# Problem to solve
What to return is the tail of the data, from the line that contains "Volume: 284639.8 mm3;" down to the last line, copied exactly.

*** Opening Available data ***

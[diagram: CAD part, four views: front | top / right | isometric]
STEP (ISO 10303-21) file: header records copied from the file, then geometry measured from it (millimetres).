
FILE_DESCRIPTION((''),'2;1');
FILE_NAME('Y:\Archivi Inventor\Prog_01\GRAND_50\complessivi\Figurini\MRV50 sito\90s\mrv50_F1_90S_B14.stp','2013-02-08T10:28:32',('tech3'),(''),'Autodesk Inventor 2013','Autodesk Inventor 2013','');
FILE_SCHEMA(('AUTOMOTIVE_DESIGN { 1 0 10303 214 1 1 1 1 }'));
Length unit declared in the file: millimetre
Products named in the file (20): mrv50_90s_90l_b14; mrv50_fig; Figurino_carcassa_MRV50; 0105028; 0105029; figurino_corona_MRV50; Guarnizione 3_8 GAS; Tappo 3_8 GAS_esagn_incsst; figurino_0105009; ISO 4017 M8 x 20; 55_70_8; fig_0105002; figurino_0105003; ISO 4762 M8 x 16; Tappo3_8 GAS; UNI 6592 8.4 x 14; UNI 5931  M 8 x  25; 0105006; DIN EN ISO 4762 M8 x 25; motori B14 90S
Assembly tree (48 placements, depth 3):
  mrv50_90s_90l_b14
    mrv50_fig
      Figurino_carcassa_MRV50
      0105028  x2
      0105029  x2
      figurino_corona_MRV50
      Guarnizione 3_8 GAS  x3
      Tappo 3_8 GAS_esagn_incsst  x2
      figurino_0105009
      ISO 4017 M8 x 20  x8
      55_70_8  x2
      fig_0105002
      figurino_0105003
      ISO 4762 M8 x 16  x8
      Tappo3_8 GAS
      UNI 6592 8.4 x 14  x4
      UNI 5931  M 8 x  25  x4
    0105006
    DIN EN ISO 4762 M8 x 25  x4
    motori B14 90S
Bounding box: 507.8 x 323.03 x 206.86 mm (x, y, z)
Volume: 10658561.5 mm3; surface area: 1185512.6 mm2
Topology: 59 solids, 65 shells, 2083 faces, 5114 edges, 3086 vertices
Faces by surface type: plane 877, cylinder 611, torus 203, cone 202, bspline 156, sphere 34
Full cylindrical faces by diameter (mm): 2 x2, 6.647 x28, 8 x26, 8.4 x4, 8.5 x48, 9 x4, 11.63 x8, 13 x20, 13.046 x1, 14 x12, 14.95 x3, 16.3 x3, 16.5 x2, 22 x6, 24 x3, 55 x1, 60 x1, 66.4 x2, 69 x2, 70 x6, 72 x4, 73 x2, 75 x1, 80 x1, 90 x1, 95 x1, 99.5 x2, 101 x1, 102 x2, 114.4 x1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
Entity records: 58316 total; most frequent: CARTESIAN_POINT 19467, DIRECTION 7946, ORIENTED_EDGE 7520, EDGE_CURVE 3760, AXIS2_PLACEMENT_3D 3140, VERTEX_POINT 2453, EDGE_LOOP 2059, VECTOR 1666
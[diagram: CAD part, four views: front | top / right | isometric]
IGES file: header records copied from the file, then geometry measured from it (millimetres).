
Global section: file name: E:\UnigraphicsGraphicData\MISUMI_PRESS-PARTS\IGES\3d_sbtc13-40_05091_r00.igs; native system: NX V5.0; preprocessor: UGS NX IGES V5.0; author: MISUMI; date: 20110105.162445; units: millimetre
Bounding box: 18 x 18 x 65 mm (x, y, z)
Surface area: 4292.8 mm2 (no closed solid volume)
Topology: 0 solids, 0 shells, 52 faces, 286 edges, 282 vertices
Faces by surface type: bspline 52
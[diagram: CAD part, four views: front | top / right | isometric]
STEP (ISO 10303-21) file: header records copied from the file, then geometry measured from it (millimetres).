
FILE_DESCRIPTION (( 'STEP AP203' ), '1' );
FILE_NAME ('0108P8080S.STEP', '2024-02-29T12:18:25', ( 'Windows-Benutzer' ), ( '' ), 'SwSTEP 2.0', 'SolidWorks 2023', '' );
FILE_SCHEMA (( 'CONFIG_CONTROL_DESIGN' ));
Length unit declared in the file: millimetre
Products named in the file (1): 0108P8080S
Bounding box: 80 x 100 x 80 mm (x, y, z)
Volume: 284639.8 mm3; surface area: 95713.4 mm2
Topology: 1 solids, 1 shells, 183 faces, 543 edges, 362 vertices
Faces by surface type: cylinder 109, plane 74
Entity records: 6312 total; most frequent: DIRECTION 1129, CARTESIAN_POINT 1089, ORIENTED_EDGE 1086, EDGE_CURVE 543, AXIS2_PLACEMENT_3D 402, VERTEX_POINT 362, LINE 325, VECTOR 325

*** Closing Available data ***

# Exercise response
Volume: 284639.8 mm3; surface area: 95713.4 mm2
Topology: 1 solids, 1 shells, 183 faces, 543 edges, 362 vertices
Faces by surface type: cylinder 109, plane 74
Entity records: 6312 total; most frequent: DIRECTION 1129, CARTESIAN_POINT 1089, ORIENTED_EDGE 1086, EDGE_CURVE 543, AXIS2_PLACEMENT_3D 402, VERTEX_POINT 362, LINE 325, VECTOR 325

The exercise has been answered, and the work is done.